Nancy Nickerson beat me to posting a story with this same kind of premise, so if you've read hers, I think at least at the beginning that this will sound familiar. So far, it contains mild adult situations, but nothing explicit.

She'll never be mine.

Ned Nickerson sat in the cafeteria at Emerson College, scraping his fork through the gravy-soaked meatloaf, his chin in his hand. The heavy monogrammed paper next to his tray was filled with slanting feminine writing.

He couldn't even remember where she was this time. Her letter made the vaguest references, but at least it wasn't the war, the war, the war, like everything else these days. His father had been in the Great War, and he called Ned in the fraternity every night, to tell him if the draft letter had arrived.

Ned knew it was a when. Every morning when he woke, he remembered it was a when. At seven o'clock when he walked to the study to wait for his father's nightly call, his heart pounded.
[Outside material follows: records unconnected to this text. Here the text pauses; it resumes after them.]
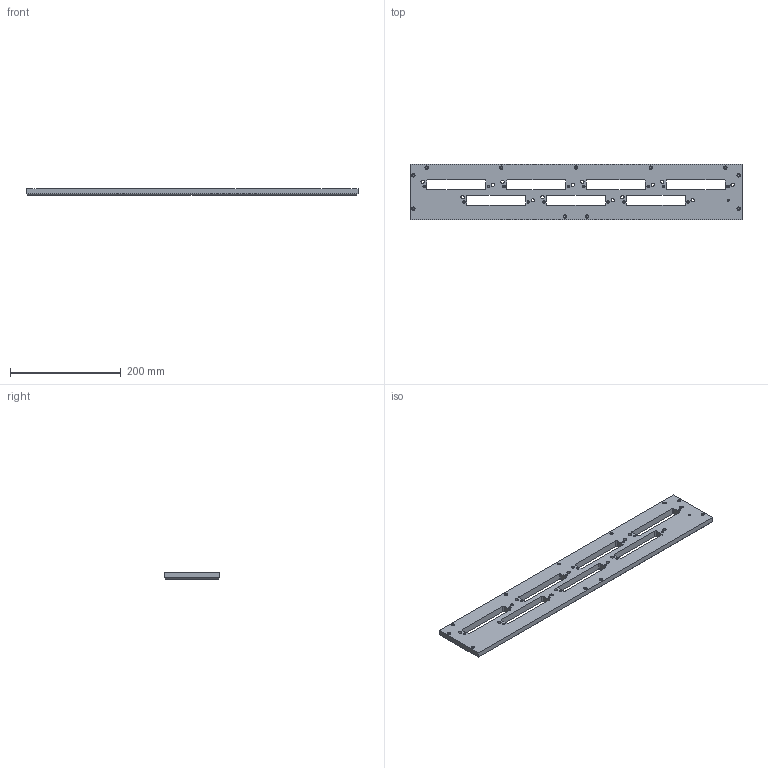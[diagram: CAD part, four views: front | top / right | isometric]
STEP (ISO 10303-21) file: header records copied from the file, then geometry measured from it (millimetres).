
FILE_DESCRIPTION(('STEP AP203'), '1');
FILE_NAME('ﾒﾏﾏﾔ1801.01.07.02.001-1 - ﾎ魵瑙韃', '', ('UNSPECIFIED'), ('UNSPECIFIED'), 'C3D Converter', 'C3D Toolkit', '');
FILE_SCHEMA(('CONFIG_CONTROL_DESIGN'));
Length unit declared in the file: millimetre
Products named in the file (1): ТППФ1801.01.07.02.001-1
Bounding box: 600 x 100 x 12.2 mm (x, y, z)
Volume: 554406.9 mm3; surface area: 133772.2 mm2
Topology: 1 solids, 1 shells, 158 faces, 412 edges, 256 vertices
Faces by surface type: cylinder 68, cone 52, plane 38
Full cylindrical faces by diameter (mm): 2.459 x1, 3.242 x14, 4.134 x11, 6 x14
Entity records: 5524 total; most frequent: DIRECTION 774, CARTESIAN_POINT 683, ORIENTED_EDGE 588, AXIS2_PLACEMENT_3D 321, EDGE_CURVE 294, EDGE_LOOP 292, VERTEX_POINT 230, CIRCLE 162
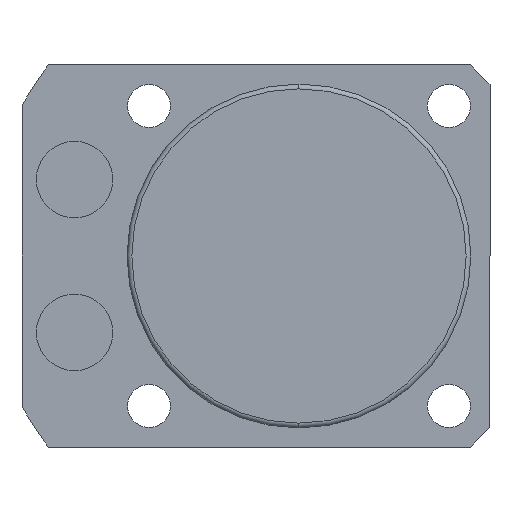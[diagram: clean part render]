
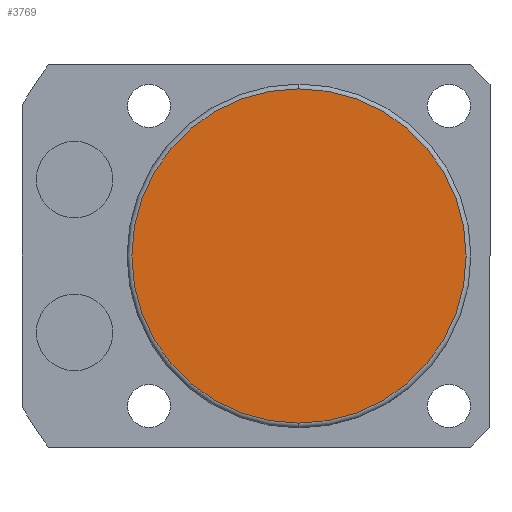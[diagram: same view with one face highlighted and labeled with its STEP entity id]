
A CAD part, front view. The second image highlights one B-rep face of the part: STEP entity #3769.
In plain terms, the highlighted planar face has unit normal (0, -1, 0).
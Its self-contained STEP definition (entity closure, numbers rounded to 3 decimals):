
#130 = CARTESIAN_POINT ( 'NONE',  ( 0., -100.5, 17.5 ) ) ;
#245 = ORIENTED_EDGE ( 'NONE', *, *, #986, .T. ) ;
#575 = FACE_OUTER_BOUND ( 'NONE', #3737, .T. ) ;
#771 = VERTEX_POINT ( 'NONE', #130 ) ;
#986 = EDGE_CURVE ( 'NONE', #771, #3586, #1711, .T. ) ;
#1711 = CIRCLE ( 'NONE', #3493, 17.5 ) ;
#1800 = DIRECTION ( 'NONE',  ( 0., -1., 0. ) ) ;
#1944 = CARTESIAN_POINT ( 'NONE',  ( 0., -100.5, 0. ) ) ;
#2515 = DIRECTION ( 'NONE',  ( 0., -1., 0. ) ) ;
#2683 = DIRECTION ( 'NONE',  ( 0., 0., -1. ) ) ;
#3342 = CARTESIAN_POINT ( 'NONE',  ( 0., -100.5, 0. ) ) ;
#3493 = AXIS2_PLACEMENT_3D ( 'NONE', #1944, #3864, #2683 ) ;
#3570 = CARTESIAN_POINT ( 'NONE',  ( 0., -100.5, -17.5 ) ) ;
#3583 = EDGE_CURVE ( 'NONE', #3586, #771, #3724, .T. ) ;
#3586 = VERTEX_POINT ( 'NONE', #3570 ) ;
#3587 = AXIS2_PLACEMENT_3D ( 'NONE', #4846, #2515, #4433 ) ;
#3724 = CIRCLE ( 'NONE', #3587, 17.5 ) ;
#3737 = EDGE_LOOP ( 'NONE', ( #4629, #245 ) ) ;
#3757 = DIRECTION ( 'NONE',  ( 0., 0., -1. ) ) ;
#3769 = ADVANCED_FACE ( 'NONE', ( #575 ), #4110, .T. ) ;
#3864 = DIRECTION ( 'NONE',  ( 0., -1., 0. ) ) ;
#4008 = AXIS2_PLACEMENT_3D ( 'NONE', #3342, #1800, #3757 ) ;
#4110 = PLANE ( 'NONE',  #4008 ) ;
#4433 = DIRECTION ( 'NONE',  ( 0., 0., -1. ) ) ;
#4629 = ORIENTED_EDGE ( 'NONE', *, *, #3583, .T. ) ;
#4846 = CARTESIAN_POINT ( 'NONE',  ( 0., -100.5, 0. ) ) ;

He looked down at the class ring on his hand. The heavy thick paper, lightly perfumed with her scent, caught his eye, and Ned turned to it again.

Your friend,


He was always careful to sign his letters the same way she signed hers. More than once he'd found himself ripping up an otherwise unassuming letter after he'd slipped and signed it the way he wanted. Love, forever and always.

But she'll never be mine.

He usually didn't let himself think about it, not like this. But a month ago, his best friend had received the draft letter. Twenty-four hours later, he was engaged; now, a week before his scheduled departure, his longtime girlfriend was his wife, a thin gold band around her finger and a charming smile on her face. Mike had confided after one too many drinks that maybe he'd come home after, his family already swelled to three.

Ned ran the ball of his thumb over the margin of the page. As much as he liked Jan, Jan wasn't Nancy. He couldn't imagine that Nancy would ever be one to sit at home waiting for anything. As alluring as he found the thought of her standing in some red-and-white checkered kitchen in an apron, stroking a palm over a rounded belly with a glowing smile on her face, it was as unreal as the war going on half the world away, and Ned wasn't Mike. Nancy would be no hasty wartime bride, when the letter came.

Ned folded Nancy's letter and slipped it back into its envelope, back into his bag.